I think the person was just asking the question out of curiosity. I don't think the intent was to be a tax scofflaw. It never hurts to get clarification.


----------



## UberTaxPro (Oct 3, 2014)

dgates01 said:


> So what is Uber reporting to the IRS in regards to my earnings? I only do Uber Eats, so that's why my income is low.


Nothing


----------



## Fozzie (Aug 11, 2018)

No 1099 = no record of your "earnings" at the IRS. Regardless, according to US law, you're still required to file.

If you're a law abiding citizen, claim it. If you're not, I'll turn a blind eye to your post for only $50 bucks.


----------



## dgates01 (Jun 24, 2018)

Fozzie said:


> If you're a law abiding citizen, claim it. If you're not, I'll turn a blind eye to your post for only $50 bucks.


Hah


----------



## oldfart (Dec 22, 2017)

dgates01 said:


> I think the person was just asking the question out of curiosity. I don't think the intent was to be a tax scofflaw. It never hurts to get clarification.


Im sure they were just curious, but he did ask, do I have to claim the income?

The answer of course is yes, but that begs the question.....what if I dont?

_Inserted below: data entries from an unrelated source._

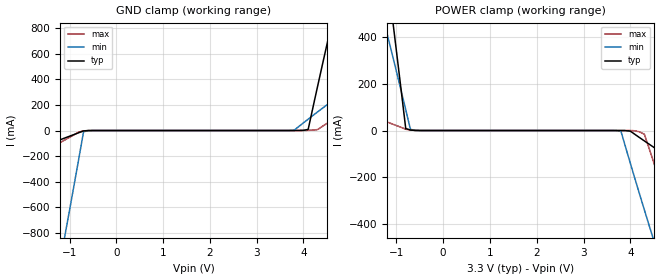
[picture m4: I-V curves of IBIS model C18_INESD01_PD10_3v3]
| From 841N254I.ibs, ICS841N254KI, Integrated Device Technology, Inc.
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[Model] C18_INESD01_PD10_3v3
Model_type   Input
Polarity   Non-Inverting
Vinl = 0.8V
Vinh = 2.0V
|   typ   min   max
C_comp   2pF   1.5pF   2.5pF
|   typ   min   max
[Voltage range]   3.3V   3.135V   3.465V
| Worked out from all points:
|   GND clamp passes 1 mA (typ) near -0.62 V on its own axis
|   POWER clamp passes 1 mA (typ) near -0.63 V on its own axis
[GND_clamp]
|Voltage   I (typ)   I (min)   I (max)
-3.3V     -328.3mA   -4.771A    -474.7mA
-2.2V     -200.9mA   -2.908A    -285.4mA
-1.1V     -58.5mA    -826.1mA   -73.83mA
-1V       -44.76mA   -625.2mA   -53.42mA
-700mV    -2.701mA   -10.28mA   -3.627mA
3.8V      93.26uA    2.307mA    40.42uA
4.1V      8.306mA    89.1mA     1.129mA
4.3V      343.2mA    145.5mA    7.196mA
4.5V      671.5mA    200.8mA    56.11mA
4.6V      833.1mA    228.1mA    80.2mA
5.6V      2.363A     485.9mA    308.2mA
6.6V      3.748A     719mA      514.5mA
[Power_clamp]
|Voltage   I (typ)   I (min)   I (max)
-3.3V     3.748A     1.938A     181.6mA
-1.3V     833.1mA    497mA      44.51mA
-1.1V     508.2mA    336.4mA    29.22mA
-1V       343.2mA    254.9mA    21.46mA
-800mV    8.306mA    89.34mA    5.708mA
-700mV    2.015mA    5.311mA    2.514mA
-600mV    528.8uA    598.8uA    639.8uA
3.8V      -50.69uA   -3.819mA   -3.656uA
4.2V      -30.88mA   -275.3mA   -5.932mA
4.5V      -72.1mA    -471.9mA   -137.5mA
5V        -138.1mA   -786.7mA   -430.2mA
6.6V      -328.3mA   -1.694A    -1.274A

I made no assumptions regarding the ops intent


----------



## dgates01 (Jun 24, 2018)

oldfart said:


> Im sure they were just curious, but he did ask, do I have to claim the income?
> 
> The answer of course is yes, but that begs the question.....what if I dont?
> 
> I made no assumptions regarding the ops intent


No worries.

As for me, I would prefer the 1099 no matter how much I made. I would think that would make it's less likely to be audited since the IRS already knows what I actually made if they got corresponding documentation confirming it.


----------